Individual and Collective Graph Mining: Principles, Algorithms, and Applications (Synthesis Lectures on Data Mining and Knowledge Discovery)
Danai Koutra, Christos Faloutsos
- 出版商: Morgan & Claypool
- 出版日期: 2017-10-26
- 售價: $2,830
- 貴賓價: 9.5 折 $2,689
- 語言: 英文
- 頁數: 208
- 裝訂: Paperback
- ISBN: 1681730391
- ISBN-13: 9781681730394
-
相關分類:
Algorithms-data-structures、Data-mining
海外代購書籍(需單獨結帳)
相關主題
商品描述
Graphs naturally represent information ranging from links between web pages, to communication in email networks, to connections between neurons in our brains. These graphs often span billions of nodes and interactions between them. Within this deluge of interconnected data, how can we find the most important structures and summarize them? How can we efficiently visualize them? How can we detect anomalies that indicate critical events, such as an attack on a computer system, disease formation in the human brain, or the fall of a company?
This book presents scalable, principled discovery algorithms that combine globality with locality to make sense of one or more graphs. In addition to fast algorithmic methodologies, we also contribute graph-theoretical ideas and models, and real-world applications in two main areas:
•Individual Graph Mining: We show how to interpretably summarize a single graph by identifying its important graph structures. We complement summarization with inference, which leverages information about few entities (obtained via summarization or other methods) and the network structure to efficiently and effectively learn information about the unknown entities.
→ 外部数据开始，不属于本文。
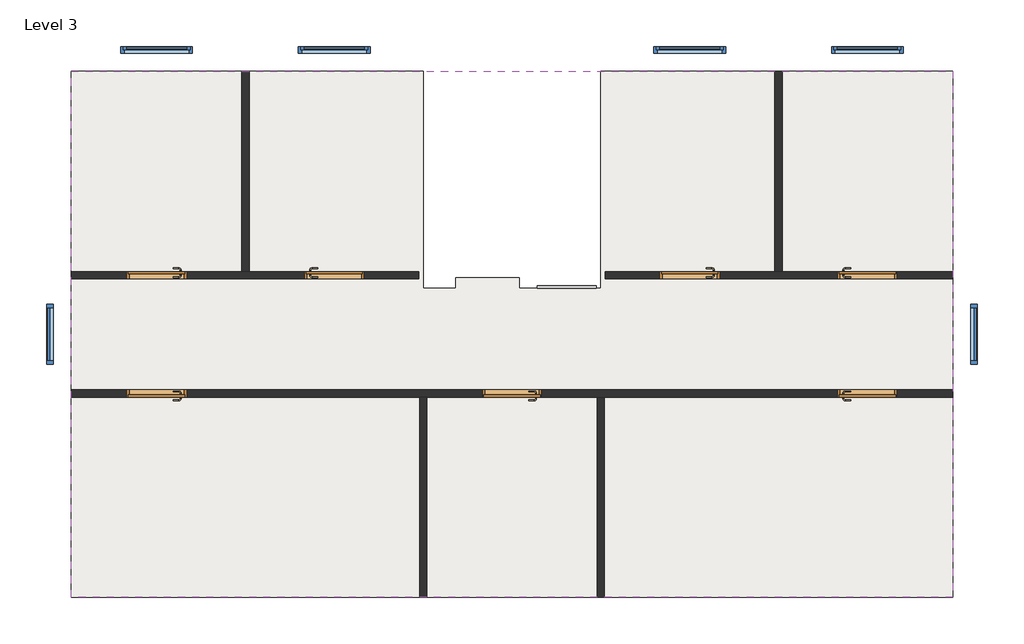
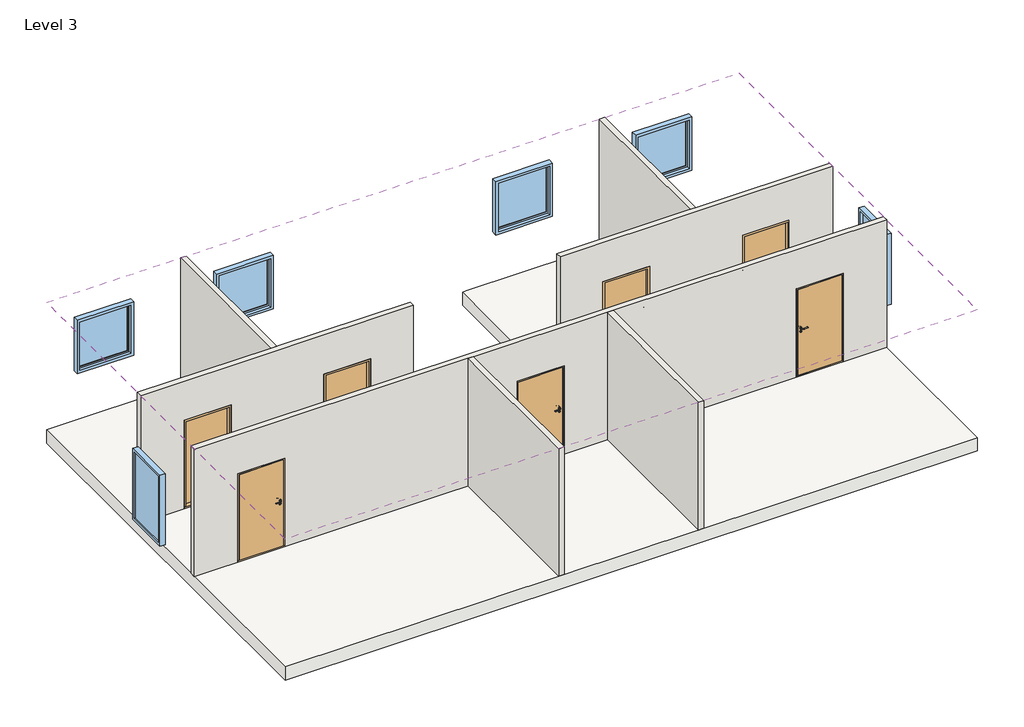
# One storey: 7 doors, 7 walls, 6 windows, 1 railing, 1 roof, 1 slab.
"""IFC4 building model written with IfcOpenShell, lengths in millimetres."""

import ifcopenshell
import ifcopenshell.guid

model = None  # the IFC model being written
_history = None  # IfcOwnerHistory: only IFC2X3 demands one
_inside = {}  # id of a spatial element -> (the spatial element, [elements in it])
_under = {}  # id of a project, library or spatial element -> (it, [spatial elements below it])
_declared = {}  # id of a project -> (the project, [libraries it declares])
_typed = {}  # id of a type object -> (the type object, [elements of that type])
_made_of = {}  # id of a material, layer set ... -> (it, [elements and type objects made of it])


def new_model(schema):
    """Start an empty IFC model of exactly this schema.

    Asked for "IFC4X3", IfcOpenShell would pick the latest addendum, in which some entities
    have other attributes; the version numbers below select the first issue.
    IFC2X3 requires an IfcOwnerHistory on every rooted entity: one is made here for all.
    """
    global model, _history
    if schema == "IFC4X3":
        model = ifcopenshell.file(schema_version=(4, 3, 0, 0))
    else:
        model = ifcopenshell.file(schema=schema)
    _inside.clear()
    _under.clear()
    _declared.clear()
    _typed.clear()
    _made_of.clear()
    _history = None
    if model.schema == "IFC2X3":
        org = make("IfcOrganization", Name="unknown")
        user = make(
            "IfcPersonAndOrganization",
            ThePerson=make("IfcPerson", FamilyName="unknown"),
            TheOrganization=org,
        )
        app = make(
            "IfcApplication",
            ApplicationDeveloper=org,
            Version="unknown",
            ApplicationFullName="unknown",
            ApplicationIdentifier="unknown",
        )
        _history = make(
            "IfcOwnerHistory",
            OwningUser=user,
            OwningApplication=app,
            ChangeAction="ADDED",
            CreationDate=0,
        )
    return model


def make(cls, **values):
    """One entity of the class cls with the attributes given. An attribute that is None is left unset."""
    return model.create_entity(
        cls, **{name: value for name, value in values.items() if value is not None}
    )


def rooted(cls, **values):
    """An entity with a GlobalId (a new one), such as an element, a storey or a relation."""
    return make(cls, GlobalId=ifcopenshell.guid.new(), OwnerHistory=_history, **values)


def si_unit(unit_type, name, prefix=None):
    """IfcSIUnit, for example si_unit("LENGTHUNIT", "METRE", prefix="MILLI")."""
    return make("IfcSIUnit", UnitType=unit_type, Prefix=prefix, Name=name)


def assignment(units):
    """IfcUnitAssignment: the units of a project."""
    return None if units is None else make("IfcUnitAssignment", Units=units)


def point(xyz):
    """IfcCartesianPoint."""
    return None if xyz is None else make("IfcCartesianPoint", Coordinates=xyz)


def direction(xyz):
    """IfcDirection."""
    return None if xyz is None else make("IfcDirection", DirectionRatios=xyz)


def frame(location, z_axis=None, x_axis=None):
    """IfcAxis2Placement3D, a coordinate frame: its origin and axes. An axis left out is left unset."""
    return make(
        "IfcAxis2Placement3D",
        Location=point(location),
        Axis=direction(z_axis),
        RefDirection=direction(x_axis),
    )


def frame_2d(location, x_axis=None):
    """IfcAxis2Placement2D, a coordinate frame in the plane: its origin and x axis."""
    return make(
        "IfcAxis2Placement2D", Location=point(location), RefDirection=direction(x_axis)
    )


def origin():
    """The frame at (0, 0, 0) with its axes left unset."""
    return frame((0.0, 0.0, 0.0))


def place(relative_to, where):
    """IfcLocalPlacement: puts the frame where relative to a parent placement (None: the world)."""
    return make(
        "IfcLocalPlacement", PlacementRelTo=relative_to, RelativePlacement=where
    )


def context(
    kind, dimensions, precision=None, world=None, true_north=None, identifier=None
):
    """IfcGeometricRepresentationContext, for example the 3D "Model" context."""
    return make(
        "IfcGeometricRepresentationContext",
        ContextIdentifier=identifier,
        ContextType=kind,
        CoordinateSpaceDimension=dimensions,
        Precision=precision,
        WorldCoordinateSystem=world,
        TrueNorth=true_north,
    )


def project(units=None, contexts=None):
    """IfcProject with its units and contexts."""
    return rooted(
        "IfcProject",
        Name="project",
        RepresentationContexts=contexts,
        UnitsInContext=assignment(units),
    )


def spatial(cls, under=None, at=None, **own):
    """A site, building, storey or space (cls), placed at a placement, below another one or the project."""
    s = rooted(cls, ObjectPlacement=at, **own)
    if under is not None:
        _under.setdefault(under.id(), (under, []))[1].append(s)
    return s


def polyline(points):
    """IfcPolyline through the points."""
    return make("IfcPolyline", Points=[point(p) for p in points])


def circle_curve(where, radius):
    """IfcCircle in the frame where."""
    return make("IfcCircle", Position=where, Radius=radius)


def ellipse_curve(where, semi_axis1, semi_axis2):
    """IfcEllipse in the frame where."""
    return make(
        "IfcEllipse", Position=where, SemiAxis1=semi_axis1, SemiAxis2=semi_axis2
    )


def trimmed(basis, trim1, trim2, sense, master):
    """IfcTrimmedCurve: the piece of a basis curve between two trims."""
    return make(
        "IfcTrimmedCurve",
        BasisCurve=basis,
        Trim1=trim1,
        Trim2=trim2,
        SenseAgreement=sense,
        MasterRepresentation=master,
    )


def segment(curve, same_sense, transition):
    """IfcCompositeCurveSegment."""
    return make(
        "IfcCompositeCurveSegment",
        Transition=transition,
        SameSense=same_sense,
        ParentCurve=curve,
    )


def composite_curve(segments, self_intersect=None):
    """IfcCompositeCurve: segments joined end to end."""
    return make("IfcCompositeCurve", Segments=segments, SelfIntersect=self_intersect)


def outline(outer, holes=None, kind="AREA"):
    """IfcArbitraryClosedProfileDef: a profile drawn as a closed curve; with holes, ...WithVoids."""
    if holes is None:
        return make("IfcArbitraryClosedProfileDef", ProfileType=kind, OuterCurve=outer)
    return make(
        "IfcArbitraryProfileDefWithVoids",
        ProfileType=kind,
        OuterCurve=outer,
        InnerCurves=holes,
    )


def extrude(swept, where, along, depth):
    """IfcExtrudedAreaSolid: the profile swept, set in the frame where, extruded along a direction by depth."""
    return make(
        "IfcExtrudedAreaSolid",
        SweptArea=swept,
        Position=where,
        ExtrudedDirection=direction(along),
        Depth=depth,
    )


def faces_of(points, faces, orient=None, outer=None):
    """IfcFace entities. A face is a list of loops; a loop is a list of indices into points, from 0.

    orient and outer hold one flag for each loop. By default every Orientation is true, the
    first loop of a face is its IfcFaceOuterBound and the others are IfcFaceBound.
    """
    made = []
    for i, loops in enumerate(faces):
        bounds = []
        for j, loop in enumerate(loops):
            is_outer = j == 0 if outer is None else outer[i][j]
            bounds.append(
                make(
                    "IfcFaceOuterBound" if is_outer else "IfcFaceBound",
                    Bound=make("IfcPolyLoop", Polygon=[points[k] for k in loop]),
                    Orientation=True if orient is None else orient[i][j],
                )
            )
        made.append(make("IfcFace", Bounds=bounds))
    return made


def faceted_brep(points, faces, orient=None, outer=None, voids=None):
    """IfcFacetedBrep: a solid bounded by flat faces; with voids (closed shells), ...WithVoids."""
    shared = [point(p) for p in points]
    hull = make("IfcClosedShell", CfsFaces=faces_of(shared, faces, orient, outer))
    if voids is None:
        return make("IfcFacetedBrep", Outer=hull)
    return make(
        "IfcFacetedBrepWithVoids",
        Outer=hull,
        Voids=[
            make(cls, CfsFaces=faces_of(shared, fs, o, b)) for cls, fs, o, b in voids
        ],
    )


def shape(context_of_items, identifier, shape_type, items):
    """IfcShapeRepresentation: the items that make up one representation, for example the "Body"."""
    return make(
        "IfcShapeRepresentation",
        ContextOfItems=context_of_items,
        RepresentationIdentifier=identifier,
        RepresentationType=shape_type,
        Items=items,
    )


def source(mapping_origin, context_of_items, identifier, shape_type, items):
    """IfcRepresentationMap: a shape defined once, which mapped items show again and again."""
    return make(
        "IfcRepresentationMap",
        MappingOrigin=mapping_origin,
        MappedRepresentation=shape(context_of_items, identifier, shape_type, items),
    )


def transform(
    local_origin,
    x_axis=None,
    y_axis=None,
    z_axis=None,
    scale=None,
    scale2=None,
    scale3=None,
    uniform=True,
):
    """IfcCartesianTransformationOperator3D, or its non-uniform kind. x_axis, y_axis, z_axis: its Axis1, 2, 3."""
    if uniform:
        return make(
            "IfcCartesianTransformationOperator3D",
            Axis1=direction(x_axis),
            Axis2=direction(y_axis),
            LocalOrigin=point(local_origin),
            Scale=scale,
            Axis3=direction(z_axis),
        )
    return make(
        "IfcCartesianTransformationOperator3DnonUniform",
        Axis1=direction(x_axis),
        Axis2=direction(y_axis),
        LocalOrigin=point(local_origin),
        Scale=scale,
        Axis3=direction(z_axis),
        Scale2=scale2,
        Scale3=scale3,
    )


def mapped(mapping_source, mapping_target):
    """IfcMappedItem: shows the shape of a source again, moved by a transform."""
    return make(
        "IfcMappedItem", MappingSource=mapping_source, MappingTarget=mapping_target
    )


def made_of(thing, what):
    """Note that an element or type object is made of a material, layer set ...; save() writes the relation."""
    if what is not None:
        _made_of.setdefault(what.id(), (what, []))[1].append(thing)
    return thing


def element(
    cls,
    number,
    at=None,
    inside=None,
    cuts=None,
    type_object=None,
    material=None,
    context=None,
    identifier="Body",
    shape_type=None,
    held_by="IfcProductDefinitionShape",
    body=None,
    shapes=None,
    **own,
):
    """One element of the class cls, such as IfcWall. Its Tag is "e" and its number.

    at: its placement. inside: the storey or other place that contains it. cuts: it is an
    opening in that element (IfcRelVoidsElement). A single representation is given by context,
    identifier, shape_type and body (its items); several are given by shapes. held_by: the class
    of the entity that holds the representations. save() writes the other relations.
    """
    e = rooted(cls, Tag="e%d" % number, ObjectPlacement=at, **own)
    if body is not None:
        shapes = [shape(context, identifier, shape_type, body)]
    if shapes is not None:
        e.Representation = make(held_by, Representations=shapes)
    if inside is not None:
        _inside.setdefault(inside.id(), (inside, []))[1].append(e)
    if cuts is not None:
        rooted(
            "IfcRelVoidsElement", RelatingBuildingElement=cuts, RelatedOpeningElement=e
        )
    if type_object is not None:
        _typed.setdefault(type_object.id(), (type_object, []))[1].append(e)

•Collective Graph Mining: We extend the idea of individual-graph summarization to time-evolving graphs, and show how to scalably discover temporal patterns. Apart from summarization, we claim that graph similarity is often the underlying problem in a host of applications where multiple graphs occur (e.g., temporal anomaly detection, discovery of behavioral patterns), and we present principled, scalable algorithms for aligning networks and measuring their similarity.
The methods that we present in this book leverage techniques from diverse areas, such as matrix algebra, graph theory, optimization, information theory, machine learning, finance, and social science, to solve real-world problems. We present applications of our exploration algorithms to massive datasets, including a Web graph of 6.6 billion edges, a Twitter graph of 1.8 billion edges, brain graphs with up to 90 million edges, collaboration, peer-to-peer networks, browser logs, all spanning millions of users and interactions.
商品描述(中文翻譯)
圖表自然地代表了從網頁之間的連結,到電子郵件網絡中的通訊,再到我們大腦中神經元之間的連接等各種資訊。這些圖表通常涵蓋數十億個節點和它們之間的互動。在這個互相連接的數據洪流中,我們如何找到最重要的結構並對其進行總結?我們如何高效地視覺化它們?我們如何檢測表明關鍵事件的異常,例如對計算機系統的攻擊、人腦中的疾病形成或公司的倒閉?
本書介紹了可擴展的、有原則的發現算法,將全局性與局部性結合起來理解一個或多個圖表。除了快速的算法方法論外,我們還提出了圖論思想和模型,以及兩個主要領域的實際應用:
• 個別圖表挖掘:我們展示了如何通過識別重要的圖結構來對單個圖表進行可解釋的總結。我們通過推理來補充總結,該推理利用有關少數實體的信息(通過總結或其他方法獲得)和網絡結構,以高效且有效地學習有關未知實體的信息。
• 集體圖表挖掘:我們將個別圖表總結的思想擴展到時間演化圖表,並展示如何可擴展地發現時間模式。除了總結之外,我們認為圖表相似性通常是多個圖表出現的基本問題(例如,時間異常檢測、行為模式發現),我們提出了有原則的、可擴展的網絡對齊和相似性測量算法。
本書中介紹的方法利用了來自不同領域的技術,例如矩陣代數、圖論、優化、信息論、機器學習、金融和社會科學,來解決現實世界的問題。我們展示了將我們的探索算法應用於大型數據集,包括66億邊的網絡圖、18億邊的Twitter圖、多達9000萬邊的腦圖,以及涵蓋數百萬用戶和互動的協作、點對點網絡、瀏覽器日誌等。